I’m with Paula on this one. Seems like a fun toy – good for one or two interactions before its practical limitations become evident to the shopper.

One concern is privacy and safety – I’m not keen on tapping in my credit card number on a store window with my back to the street.

As for the “Minority Report” form factor of this kiosk-under-glass, I like it fine. The best interface is no interface at all. This one sounds as minimized as present technology allows, and cool-looking, to boot.

Jeff Weitzman
Guest
Jeff Weitzman
14 years 6 months ago

Everyone’s right, it’s all those things, but it’s not just a stunt.

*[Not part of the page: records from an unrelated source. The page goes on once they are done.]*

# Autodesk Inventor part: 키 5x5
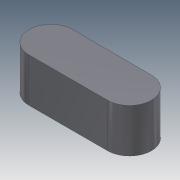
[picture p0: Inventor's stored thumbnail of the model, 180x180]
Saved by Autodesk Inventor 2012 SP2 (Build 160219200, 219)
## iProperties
Company: 한국ATC센터
Created: 2014-10
Part Number: 키 5x5
Document SubType Name: Modeling
Designer: KYOUNG IL JANG
Density: 1 g/cm^3
Mass: 0.323175 g
Surface Area: 2.9781 cm^2
Volume: 0.323175 cm^3
Material: 기본값
Author: KYOUNG IL JANG
Revision Number: 1
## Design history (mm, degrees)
sketch "스케치1"
  geometry: L1 (-4.5, -2.5)-(4.5, -2.5); L2 (4.5, 2.5)-(-4.5, 2.5); A1 r 2.5 centre (4.5, 0) between (4.5, -2.5) and (4.5, 2.5); A2 r 2.5 centre (-4.5, 0) between (-4.5, 2.5) and (-4.5, -2.5); 2 further points
  constraints: 4 end point, 4 point on circle, 4 tangent, 2 centre point, 1 horizontal, 1 horizontal alignment, 1 midpoint, 1 parallel, 1 vertical alignment
  dimensions: "d0" = 5 distance between parallel lines of L1 L2; "d1" = 14 dimension on A1 A2
extrude "돌출1" new body sketch "스케치1" stored distance "d2" = 5; taper "d3" = 0 deg
node "솔리드1"

If you can sell clothing via catalog and internet, you can sell it anywhere. But the technology is just getting started — “window shopping” will make real sense for some retailers and products. It’s the ultimate impulse purchase generator.

Brad Gleeson
Guest
Brad Gleeson
14 years 6 months ago

Depending on the quality of the implementation, this concept could work on many levels. The most critical aspect is the quality of the user experience. If it is fast and colorful and simple and fun, it will succeed in attracting attention and can help establish a positive brand affinity. If people actually buy stuff, it’s a bonus. Slowly, as consumers become more comfortable with these kinds of technologies, it becomes easier and less risky and perhaps even strategically imperative, for retailers to plan and deploy them. Each step forward is a validation of what came before.

Tracy Gibson
Guest
Tracy Gibson
14 years 6 months ago

I agree with most of the posts that this is a fun, new, innovative way to draw more traffic to the store, or rather the store window, however, I don’t believe this will increase sales for Polo. People love gimmicks but the idea of pulling out my credit card on a street corner just doesn’t sound safe. I don’t even use an ATM after hours! Kiosk shopping on the other hand, especially during an event, sounds like a great idea! Who wants to stand in line and miss one of the matches? If you can order your merchandise, and have it shipped to your home and you won’t have to lug it back with you, that will be a great use of the new technology.

Bernice Hurst
Guest
14 years 6 months ago

What would make this perfect is installing a chute from the shop floor to the screen at the window so that once the purchase is made the product can be instantly delivered. Now that would be fun. I can just see it applying to burgers, cokes and even a tall frosty beer so that you can avoid standing in line with all those other people at the stadium. You could turn it into the kind of machine that’s attached to the back of airplane seats and have one in all the grandstands. Oh, the possibilities are endless. Isn’t technology just too too cool?

Mark Lilien
Guest
14 years 6 months ago

Polo Ralph Lauren’s interactive window shopping is a great way to get free publicity. Customers like to try on their clothing choices before they leave the store, so it’s unlikely this can be taken seriously on its own. When new technology is novel and fun why not get free publicity?

Anne Simons
Guest
Anne Simons
14 years 6 months ago

Laura, this reminds me a little of the Zooms Systems iPod vending machines that Apple began installing in various locations a year or so ago. While it seems unlikely that the vending machines will generate significant transactions, they do reinforce Apple’s brand equities of innovation and technological sophistication. The advantage with the vending machines over RL’s ‘shopping window,’ however, is that they offer immediate gratification to buyers

As for RL’s shopping window: it’s a great way to generate buzz and position RL as cutting edge but I doubt they’ll generate many transactions for all the reasons that previous commentators have suggested.

T Gibson
Guest
T Gibson
14 years 6 months ago

Again, this is fun and innovative. I think it is a great idea! After further evaluation of the concept, I believe it does, indeed, have potential to drive sales. How often do you see something of interest in a store front window but you don’t have the time to stop in? This is in line with online shopping. My fear of using my ATM card is not widespread. If they would mail the items direct, that would keep shopping time to a minimum and we all need more hours added to our day. I think it will catch on.